杰克的回答十分得意,“我就变卖这座庄园,找个年轻强壮的alpha私奔。”
萨拉查抬手托住杰克的下颌,表情玩味地凑近他的Omega,似乎是下一步是要以吻封住杰克的双唇。
他轻轻地打了杰克一耳光。
萨拉查当然明白杰克是在开玩笑。这座庄园是他记忆当中最早的家,他站在露台上等父亲从殖民地返航,给他捎几只稀有的蓝色大鹦鹉。他记得家里出事庄园被没收,花园里养的一群殖民地禽鸟在混乱中飞走。终于他历尽艰险升任准将,做的第一件事是将庄园买回来。

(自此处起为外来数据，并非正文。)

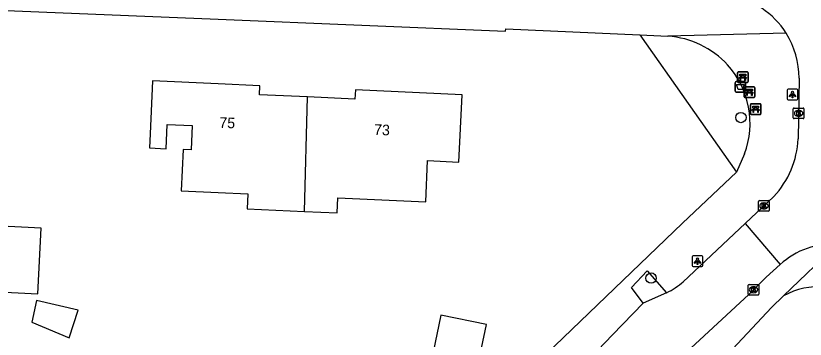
# Model space of a CAD drawing. Extents: x 161772 to 163123, y 383092 to 383917.
# Drawn here: x 162480.9 to 162555.4, y 383612.4 to 383642.9 of the extents above; entities that cross this region are included whole.
import ezdxf

# ---------------------------------------------------------------- set-up
doc = ezdxf.new("R2010")
doc.units = 0
for name, color, linetype in [('IMGEO_Afvalbak', 7, 'Continuous'), ('IMGEO_Bank', 7, 'Continuous'), ('IMGEO_Boom', 7, 'Continuous'), ('IMGEO_Groenvoorziening', 7, 'Continuous'), ('IMGEO_Kolk', 7, 'Continuous'), ('IMGEO_Lichtpunt', 7, 'Continuous'), ('IMGEO_Pand', 7, 'Continuous'), ('IMGEO_Pand_nummerreeks', 7, 'Continuous'), ('IMGEO_Rijbaan_lokaal_open', 7, 'Continuous'), ('IMGEO_Voetpad_open', 7, 'Continuous')]:
    doc.layers.add(name, color=color, linetype=linetype)

msp = doc.modelspace()

# ---------------------------------------------------------------- linework, layer by layer
at = {"layer": 'IMGEO_Afvalbak'}
for p, q in [((162548.775, 383635.788), (162548.775, 383636.588)), ((162548.775, 383636.588), (162548.775, 383635.788)), ((162548.875, 383636.688), (162549.665, 383636.688)), ((162549.665, 383636.688), (162548.875, 383636.688)), ((162549.765, 383636.588), (162549.765, 383635.788)), ((162549.765, 383635.788), (162549.765, 383636.588)), ((162549.665, 383635.688), (162548.875, 383635.688)), ((162548.875, 383635.688), (162549.665, 383635.688))]:
    msp.add_line(p, q, dxfattribs=at)
msp.add_lwpolyline([(162548.918, 383636.402), (162549.622, 383636.402), (162549.473, 383635.932), (162549.067, 383635.932), (162548.918, 383636.402)], dxfattribs=at)
for centre, start, end in [((162548.875, 383636.588), 90, 180), ((162548.875, 383636.588), 90, 180), ((162549.665, 383636.588), 0, 90), ((162549.665, 383636.588), 360, 90), ((162548.875, 383635.788), 180, 270), ((162548.875, 383635.788), 180, 270), ((162549.665, 383635.788), 270, 0), ((162549.665, 383635.788), 270, 0)]:
    msp.add_arc(centre, 0.1, start, end, dxfattribs=at)
at = {"layer": 'IMGEO_Bank'}
for p, q in [((162548.998, 383636.676), (162548.998, 383637.517)), ((162548.998, 383637.517), (162548.998, 383636.676)), ((162549.073, 383637.601), (162549.914, 383637.601)), ((162549.914, 383637.601), (162549.073, 383637.601)), ((162549.998, 383637.526), (162549.998, 383636.685)), ((162549.998, 383636.685), (162549.998, 383637.526)), ((162549.923, 383636.601), (162549.082, 383636.601)), ((162549.082, 383636.601), (162549.923, 383636.601)), ((162549.695, 383636.999), (162549.302, 383636.999)), ((162549.307, 383637.107), (162549.307, 383637.213)), ((162549.351, 383637.213), (162549.351, 383637.107)), ((162549.639, 383637.219), (162549.357, 383637.219)), ((162549.357, 383637.101), (162549.639, 383637.101)), ((162549.645, 383637.107), (162549.645, 383637.213)), ((162549.689, 383637.213), (162549.689, 383637.107)), ((162549.628, 383635.262), (162549.628, 383636.103)), ((162549.628, 383636.103), (162549.628, 383635.262)), ((162549.703, 383636.187), (162550.544, 383636.187)), ((162550.544, 383636.187), (162549.703, 383636.187)), ((162550.628, 383636.112), (162550.628, 383635.271)), ((162550.628, 383635.271), (162550.628, 383636.112)), ((162550.553, 383635.187), (162549.712, 383635.187)), ((162549.712, 383635.187), (162550.553, 383635.187)), ((162550.325, 383635.585), (162549.932, 383635.585)), ((162549.937, 383635.693), (162549.937, 383635.799)), ((162549.981, 383635.799), (162549.981, 383635.693)), ((162550.269, 383635.805), (162549.987, 383635.805)), ((162549.987, 383635.687), (162550.269, 383635.687)), ((162550.275, 383635.693), (162550.275, 383635.799)), ((162550.319, 383635.799), (162550.319, 383635.693)), ((162550.215, 383633.667), (162550.215, 383634.508)), ((162550.215, 383634.508), (162550.215, 383633.667)), ((162550.29, 383634.592), (162551.131, 383634.592)), ((162551.131, 383634.592), (162550.29, 383634.592)), ((162551.215, 383634.517), (162551.215, 383633.676)), ((162551.215, 383633.676), (162551.215, 383634.517)), ((162550.912, 383633.99), (162550.519, 383633.99)), ((162550.524, 383634.098), (162550.524, 383634.204)), ((162550.568, 383634.204), (162550.568, 383634.098)), ((162550.856, 383634.21), (162550.574, 383634.21)), ((162550.574, 383634.092), (162550.856, 383634.092)), ((162550.862, 383634.098), (162550.862, 383634.204)), ((162550.906, 383634.204), (162550.906, 383634.098)), ((162551.14, 383633.592), (162550.299, 383633.592)), ((162550.299, 383633.592), (162551.14, 383633.592))]:
    msp.add_line(p, q, dxfattribs=at)
for points in [[(162549.301, 383637.219), (162549.215, 383637.219), (162549.215, 383637.38), (162549.778, 383637.38), (162549.778, 383637.219), (162549.695, 383637.219)], [(162549.245, 383636.999), (162549.103, 383636.999), (162549.215, 383637.101), (162549.301, 383637.101)], [(162549.295, 383636.992), (162549.295, 383636.785), (162549.252, 383636.785), (162549.252, 383636.992)], [(162549.695, 383637.101), (162549.778, 383637.101), (162549.89, 383636.999), (162549.751, 383636.999)], [(162549.745, 383636.992), (162549.745, 383636.785), (162549.701, 383636.785), (162549.701, 383636.992)], [(162549.931, 383635.805), (162549.845, 383635.805), (162549.845, 383635.966), (162550.408, 383635.966), (162550.408, 383635.805), (162550.325, 383635.805)], [(162549.875, 383635.585), (162549.733, 383635.585), (162549.845, 383635.687), (162549.931, 383635.687)], [(162549.925, 383635.578), (162549.925, 383635.371), (162549.882, 383635.371), (162549.882, 383635.578)], [(162550.325, 383635.687), (162550.408, 383635.687), (162550.52, 383635.585), (162550.381, 383635.585)], [(162550.375, 383635.578), (162550.375, 383635.371), (162550.331, 383635.371), (162550.331, 383635.578)], [(162550.518, 383634.21), (162550.432, 383634.21), (162550.432, 383634.371), (162550.995, 383634.371), (162550.995, 383634.21), (162550.912, 383634.21)], [(162550.462, 383633.99), (162550.32, 383633.99), (162550.432, 383634.092), (162550.518, 383634.092)], [(162550.512, 383633.983), (162550.512, 383633.776), (162550.469, 383633.776), (162550.469, 383633.983)], [(162550.912, 383634.092), (162550.995, 383634.092), (162551.107, 383633.99), (162550.968, 383633.99)], [(162550.962, 383633.983), (162550.962, 383633.776), (162550.918, 383633.776), (162550.918, 383633.983)]]:
    msp.add_lwpolyline(points, dxfattribs=at)
for centre, radius, start, end in [((162549.076, 383637.523), 0.0779, 92.4484, 184.28452), ((162549.076, 383637.523), 0.0779, 92.4484, 184.28452), ((162549.92, 383637.523), 0.0779, 2.4484, 94.28452), ((162549.92, 383637.523), 0.0779, 2.4484, 94.28452), ((162549.076, 383636.679), 0.0779, 182.4484, 274.28452), ((162549.076, 383636.679), 0.0779, 182.4484, 274.28452), ((162549.245, 383636.992), 0.00671, 2.89567, 87.10433), ((162549.302, 383636.992), 0.00671, 92.89567, 177.10433), ((162549.3, 383637.212), 0.00671, 2.89567, 87.10433), ((162549.3, 383637.108), 0.00671, 272.89567, 357.10433), ((162549.357, 383637.212), 0.00671, 92.89567, 177.10433), ((162549.357, 383637.108), 0.00671, 182.89567, 267.10433), ((162549.639, 383637.212), 0.00671, 2.89567, 87.10433), ((162549.639, 383637.108), 0.00671, 272.89567, 357.10433), ((162549.696, 383637.212), 0.00671, 92.89567, 177.10433), ((162549.696, 383637.108), 0.00671, 182.89567, 267.10433), ((162549.694, 383636.992), 0.00671, 2.89567, 87.10433), ((162549.751, 383636.992), 0.00671, 92.89567, 177.10433), ((162549.92, 383636.679), 0.0779, 272.4484, 4.28452), ((162549.92, 383636.679), 0.0779, 272.4484, 4.28452), ((162549.706, 383636.109), 0.0779, 92.4484, 184.28452), ((162549.706, 383636.109), 0.0779, 92.4484, 184.28452), ((162550.55, 383636.109), 0.0779, 2.4484, 94.28452), ((162550.55, 383636.109), 0.0779, 2.4484, 94.28452), ((162549.706, 383635.265), 0.0779, 182.4484, 274.28452), ((162549.706, 383635.265), 0.0779, 182.4484, 274.28452), ((162549.875, 383635.578), 0.00671, 2.89567, 87.10433), ((162549.932, 383635.578), 0.00671, 92.89567, 177.10433), ((162549.93, 383635.798), 0.00671, 2.89567, 87.10433), ((162549.93, 383635.694), 0.00671, 272.89567, 357.10433), ((162549.987, 383635.798), 0.00671, 92.89567, 177.10433), ((162549.987, 383635.694), 0.00671, 182.89567, 267.10433), ((162550.269, 383635.798), 0.00671, 2.89567, 87.10433), ((162550.269, 383635.694), 0.00671, 272.89567, 357.10433), ((162550.326, 383635.798), 0.00671, 92.89567, 177.10433), ((162550.326, 383635.694), 0.00671, 182.89567, 267.10433), ((162550.324, 383635.578), 0.00671, 2.89567, 87.10433), ((162550.381, 383635.578), 0.00671, 92.89567, 177.10433), ((162550.55, 383635.265), 0.0779, 272.4484, 4.28452), ((162550.55, 383635.265), 0.0779, 272.4484, 4.28452), ((162550.293, 383634.514), 0.0779, 92.4484, 184.28452), ((162550.293, 383634.514), 0.0779, 92.4484, 184.28452), ((162551.137, 383634.514), 0.0779, 2.4484, 94.28452), ((162551.137, 383634.514), 0.0779, 2.4484, 94.28452), ((162550.293, 383633.67), 0.0779, 182.4484, 274.28452), ((162550.293, 383633.67), 0.0779, 182.4484, 274.28452), ((162550.462, 383633.983), 0.00671, 2.89567, 87.10433), ((162550.519, 383633.983), 0.00671, 92.89567, 177.10433), ((162550.517, 383634.203), 0.00671, 2.89567, 87.10433), ((162550.517, 383634.099), 0.00671, 272.89567, 357.10433), ((162550.574, 383634.203), 0.00671, 92.89567, 177.10433), ((162550.574, 383634.099), 0.00671, 182.89567, 267.10433), ((162550.856, 383634.203), 0.00671, 2.89567, 87.10433), ((162550.856, 383634.099), 0.00671, 272.89567, 357.10433), ((162550.913, 383634.203), 0.00671, 92.89567, 177.10433), ((162550.913, 383634.099), 0.00671, 182.89567, 267.10433), ((162550.911, 383633.983), 0.00671, 2.89567, 87.10433), ((162550.968, 383633.983), 0.00671, 92.89567, 177.10433), ((162551.137, 383633.67), 0.0779, 272.4484, 4.28452), ((162551.137, 383633.67), 0.0779, 272.4484, 4.28452)]:
    msp.add_arc(centre, radius, start, end, dxfattribs=at)
at = {"layer": 'IMGEO_Boom'}
for centre in [(162549.326, 383633.296), (162540.843, 383618.143)]:
    msp.add_circle(centre, 0.489, dxfattribs=at)
at = {"layer": 'IMGEO_Groenvoorziening'}
msp.add_lwpolyline([(162539.791, 383641.093), (162548.918, 383628.126)], dxfattribs=at)
at = {"layer": 'IMGEO_Kolk'}
for p, q in [((162554.266, 383633.266), (162554.266, 383634.118)), ((162554.341, 383634.192), (162555.193, 383634.192)), ((162554.754, 383633.972), (162554.779, 383633.972)), ((162555.267, 383634.118), (162555.267, 383633.266)), ((162555.193, 383633.192), (162554.341, 383633.192)), ((162554.777, 383633.412), (162554.752, 383633.412)), ((162551.069, 383625.458), (162551.921, 383625.458)), ((162550.994, 383624.532), (162550.994, 383625.384)), ((162551.505, 383624.678), (162551.48, 383624.678)), ((162551.482, 383625.238), (162551.507, 383625.238)), ((162551.995, 383625.384), (162551.995, 383624.532)), ((162551.921, 383624.458), (162551.069, 383624.458)), ((162550.014, 383616.613), (162550.014, 383617.465)), ((162550.089, 383617.539), (162550.941, 383617.539)), ((162550.502, 383617.319), (162550.527, 383617.319)), ((162551.015, 383617.465), (162551.015, 383616.613)), ((162550.941, 383616.539), (162550.089, 383616.539)), ((162550.525, 383616.759), (162550.5, 383616.759))]:
    msp.add_line(p, q, dxfattribs=at)
for points in [[(162554.266, 383633.266), (162554.266, 383634.118)], [(162554.341, 383634.192), (162555.193, 383634.192)], [(162554.587, 383633.892), (162554.71, 383633.892), (162554.71, 383633.741), (162554.84, 383633.892), (162555.004, 383633.892), (162554.858, 383633.741), (162555.011, 383633.492), (162554.859, 383633.492), (162554.774, 383633.656), (162554.71, 383633.589), (162554.71, 383633.492), (162554.587, 383633.492), (162554.587, 383633.892)], [(162555.267, 383634.118), (162555.267, 383633.266)], [(162555.193, 383633.192), (162554.341, 383633.192)], [(162551.069, 383625.458), (162551.921, 383625.458)], [(162550.994, 383624.532), (162550.994, 383625.384)], [(162551.315, 383625.158), (162551.438, 383625.158), (162551.438, 383625.007), (162551.568, 383625.158), (162551.732, 383625.158), (162551.586, 383625.007), (162551.739, 383624.758), (162551.587, 383624.758), (162551.502, 383624.922), (162551.438, 383624.855), (162551.438, 383624.758), (162551.315, 383624.758), (162551.315, 383625.158)], [(162551.995, 383625.384), (162551.995, 383624.532)], [(162551.921, 383624.458), (162551.069, 383624.458)], [(162550.014, 383616.613), (162550.014, 383617.465)], [(162550.089, 383617.539), (162550.941, 383617.539)], [(162550.335, 383617.239), (162550.458, 383617.239), (162550.458, 383617.088), (162550.588, 383617.239), (162550.752, 383617.239), (162550.606, 383617.088), (162550.759, 383616.839), (162550.607, 383616.839), (162550.522, 383617.003), (162550.458, 383616.936), (162550.458, 383616.839), (162550.335, 383616.839), (162550.335, 383617.239)], [(162551.015, 383617.465), (162551.015, 383616.613)], [(162550.941, 383616.539), (162550.089, 383616.539)]]:
    msp.add_lwpolyline(points, dxfattribs=at)
for centre, start, end in [((162554.343, 383634.116), 91.55205, 178.44795), ((162554.343, 383634.116), 91.55205, 178.44795), ((162555.191, 383634.116), 1.55205, 88.44795), ((162555.191, 383634.116), 1.55205, 88.44795), ((162554.343, 383633.268), 181.55205, 268.44795), ((162554.343, 383633.268), 181.55205, 268.44795), ((162555.191, 383633.268), 271.55205, 358.44795), ((162555.191, 383633.268), 271.55205, 358.44795), ((162551.071, 383625.382), 91.55205, 178.44795), ((162551.071, 383625.382), 91.55205, 178.44795), ((162551.919, 383625.382), 1.55205, 88.44795), ((162551.919, 383625.382), 1.55205, 88.44795), ((162551.071, 383624.534), 181.55205, 268.44795), ((162551.071, 383624.534), 181.55205, 268.44795), ((162551.919, 383624.534), 271.55205, 358.44795), ((162551.919, 383624.534), 271.55205, 358.44795), ((162550.091, 383617.463), 91.55205, 178.44795), ((162550.091, 383617.463), 91.55205, 178.44795), ((162550.939, 383617.463), 1.55205, 88.44795), ((162550.939, 383617.463), 1.55205, 88.44795), ((162550.091, 383616.615), 181.55205, 268.44795), ((162550.091, 383616.615), 181.55205, 268.44795), ((162550.939, 383616.615), 271.55205, 358.44795), ((162550.939, 383616.615), 271.55205, 358.44795)]:
    msp.add_arc(centre, 0.0765, start, end, dxfattribs=at)
for centre, major_axis, ratio, start_param, end_param in [((162554.753, 383633.692), (-0.387, 0.002), 0.722429, 4.712389, 7.853982), ((162554.778, 383633.692), (-0.39, 0.002), 0.717154, 1.570796, 4.712389), ((162551.481, 383624.958), (-0.387, 0.002), 0.722429, 4.712389, 7.853982), ((162551.506, 383624.958), (-0.39, 0.002), 0.717154, 1.570796, 4.712389), ((162550.501, 383617.039), (-0.387, 0.002), 0.722429, 4.712389, 7.853982), ((162550.526, 383617.039), (-0.39, 0.002), 0.717154, 1.570796, 4.712389)]:
    msp.add_ellipse(centre, major_axis=major_axis, ratio=ratio, start_param=start_param, end_param=end_param, dxfattribs=at)
at = {"layer": 'IMGEO_Lichtpunt'}
for p, q in [((162553.689, 383635.878), (162553.689, 383635.071)), ((162553.689, 383635.878), (162553.689, 383635.071)), ((162554.591, 383635.973), (162553.783, 383635.973)), ((162554.591, 383635.973), (162553.783, 383635.973)), ((162554.685, 383635.071), (162554.685, 383635.878)), ((162554.685, 383635.071), (162554.685, 383635.878)), ((162553.783, 383634.977), (162554.591, 383634.977)), ((162553.783, 383634.977), (162554.591, 383634.977)), ((162545.634, 383620.238), (162544.826, 383620.238)), ((162545.634, 383620.238), (162544.826, 383620.238)), ((162544.732, 383620.143), (162544.732, 383619.336)), ((162544.732, 383620.143), (162544.732, 383619.336)), ((162545.728, 383619.336), (162545.728, 383620.143)), ((162545.728, 383619.336), (162545.728, 383620.143)), ((162544.826, 383619.242), (162545.634, 383619.242)), ((162544.826, 383619.242), (162545.634, 383619.242))]:
    msp.add_line(p, q, dxfattribs=at)
for points in [[(162554.063, 383635.542), (162554.102, 383635.514), (162553.914, 383635.252), (162553.876, 383635.279), (162554.063, 383635.542)], [(162554.165, 383635.494), (162554.212, 383635.494), (162554.212, 383635.172), (162554.165, 383635.172), (162554.165, 383635.494)], [(162554.275, 383635.514), (162554.313, 383635.541), (162554.5, 383635.279), (162554.461, 383635.251), (162554.275, 383635.514)], [(162545.106, 383619.807), (162545.145, 383619.779), (162544.957, 383619.517), (162544.919, 383619.544), (162545.106, 383619.807)], [(162545.208, 383619.759), (162545.255, 383619.759), (162545.255, 383619.437), (162545.208, 383619.437), (162545.208, 383619.759)], [(162545.318, 383619.779), (162545.356, 383619.806), (162545.543, 383619.544), (162545.504, 383619.516), (162545.318, 383619.779)]]:
    msp.add_lwpolyline(points, dxfattribs=at)
for centre in [(162554.188, 383635.676), (162545.231, 383619.941)]:
    msp.add_circle(centre, 0.0994, dxfattribs=at)
for centre, start, end in [((162553.783, 383635.878), 90, 180), ((162553.783, 383635.878), 90, 180), ((162554.591, 383635.878), 0, 90), ((162554.591, 383635.878), 0, 90), ((162553.783, 383635.071), 180, 270), ((162553.783, 383635.071), 180, 270), ((162554.591, 383635.071), 270, 0), ((162554.591, 383635.071), 270, 360), ((162544.826, 383620.143), 90, 180), ((162544.826, 383620.143), 90, 180), ((162545.634, 383620.143), 0, 90), ((162545.634, 383620.143), 0, 90), ((162544.826, 383619.336), 180, 270), ((162544.826, 383619.336), 180, 270), ((162545.634, 383619.336), 270, 0), ((162545.634, 383619.336), 270, 360)]:
    msp.add_arc(centre, 0.0946, start, end, dxfattribs=at)
at = {"layer": 'IMGEO_Pand'}
for points in [[(162508.405, 383635.242), (162503.889, 383635.447), (162503.928, 383636.298), (162500, 383636.475), (162493.788, 383636.754), (162493.578, 383631.759), (162493.522, 383630.425), (162495.077, 383630.354), (162495.173, 383632.647), (162497.531, 383632.548), (162497.434, 383630.246), (162496.675, 383630.281), (162496.497, 383626.375), (162500, 383626.216), (162502.784, 383626.09), (162502.72, 383624.682), (162508.138, 383624.435)], [(162508.138, 383624.435), (162511.227, 383624.295), (162511.29, 383625.703), (162519.581, 383625.327), (162519.758, 383629.232), (162522.714, 383629.097), (162523.002, 383635.45), (162512.938, 383635.907), (162512.899, 383635.038), (162508.405, 383635.242)], [(162508.138, 383624.435), (162508.405, 383635.242)], [(162478.603, 383616.867), (162482.982, 383616.643), (162483.295, 383622.863), (162478.916, 383623.087)], [(162482.391, 383613.973), (162485.937, 383612.514), (162486.783, 383615.11), (162482.841, 383616.012), (162482.391, 383613.973)], [(162524.024, 383607.661), (162525.306, 383613.757), (162521.016, 383614.659), (162519.734, 383608.563), (162524.024, 383607.661)]]:
    msp.add_lwpolyline(points, dxfattribs=at)
at = {"layer": 'IMGEO_Rijbaan_lokaal_open'}
for points in [[(162554.816, 383637.002), (162554.732, 383631.279)], [(162552.427, 383625.835), (162549.729, 383623.297)], [(162543.887, 383617.8), (162549.729, 383623.297)], [(162549.729, 383623.297), (162553.031, 383619.44)], [(162553.031, 383619.44), (162551.719, 383618.217), (162550.071, 383616.607), (162544.606, 383611.519), (162540.951, 383607.707)], [(162542.308, 383616.755), (162540.103, 383615.776)], [(162513.52, 383586.607), (162520.458, 383594.506), (162527.435, 383602.384), (162532.418, 383607.776), (162537.203, 383612.786), (162540.103, 383615.776)]]:
    msp.add_lwpolyline(points, dxfattribs=at)
for centre, radius, start, end in [((162546.848, 383637.005), 7.968, 32.19932, 80.12592), ((162546.854, 383637.006), 7.962, 359.97178, 32.21799), ((162546.045, 383631.747), 8.7, 317.18984, 356.91438), ((162558.128, 383613.773), 7.622, 87.38363, 131.96801), ((162538.278, 383624.56), 8.784, 297.3095, 309.68458)]:
    msp.add_arc(centre, radius, start, end, dxfattribs=at)
at = {"layer": 'IMGEO_Voetpad_open'}
for points in [[(162442.25, 383644.984), (162500, 383642.583), (162527.105, 383641.456), (162527.133, 383641.683), (162539.791, 383641.093)], [(162539.791, 383641.093), (162542.432, 383640.97)], [(162553.59, 383641.251), (162542.432, 383640.97)], [(162549.66, 383629.858), (162548.918, 383628.126)], [(162548.918, 383628.126), (162543.804, 383623.317), (162526.947, 383607.122), (162500, 383574.599), (162483.744, 383554.98), (162462.704, 383536.779), (162467.807, 383530.859), (162432.045, 383500), (162426.613, 383495.312)], [(162553.354, 383616.458), (162558.476, 383621.387)], [(162540.103, 383615.776), (162538.984, 383617.258), (162540.462, 383618.813), (162542.308, 383616.755)], [(162553.354, 383616.458), (162552.203, 383615.367), (162543.042, 383605.572)]]:
    msp.add_lwpolyline(points, dxfattribs=at)
for centre, radius, start, end in [((162541.878, 383632.594), 8.394, 42.48014, 86.21736), ((162541.947, 383632.751), 8.238, 339.44031, 41.99732), ((162556.536, 383610.979), 6.337, 47.28193, 120.14698)]:
    msp.add_arc(centre, radius, start, end, dxfattribs=at)

# ---------------------------------------------------------------- texts
at = {"layer": 'IMGEO_Pand_nummerreeks'}
for s, rotation, p in [('75', 357.39877, (162500.08, 383632.337)), ('73', 357.4009, (162514.686, 383631.674))]:
    msp.add_text(s, height=1, rotation=rotation, dxfattribs=at).set_placement(p)

doc.saveas('drawing.dxf')

杰克干嚎出声,“我要去港口招募一批水手,打败你!”他的脸颊发红,挤不出一滴眼泪,“然后把你绑在桅杆上!”
萨拉查站起,湿透的头发贴在背后,胯下浓密的体毛中,阴茎勃起。他伸出手臂将Omega拖进浴缸。杰克扑腾了几下,水花飞溅,遗憾的是他的身量还未长足,想摆脱成年alpha的钳制着实困难。萨拉查掐住杰克的腰,阴茎顶端接触到Omega的臀缝。
他们把浴缸里的水弄得满地都是。
第二天清晨,醒来的杰克扎进被窝深处,含住萨拉查晨勃的阴茎,毫不客气地来了一个深喉,他的口活水平愈发熟练,快赶上说俏皮话的水平了。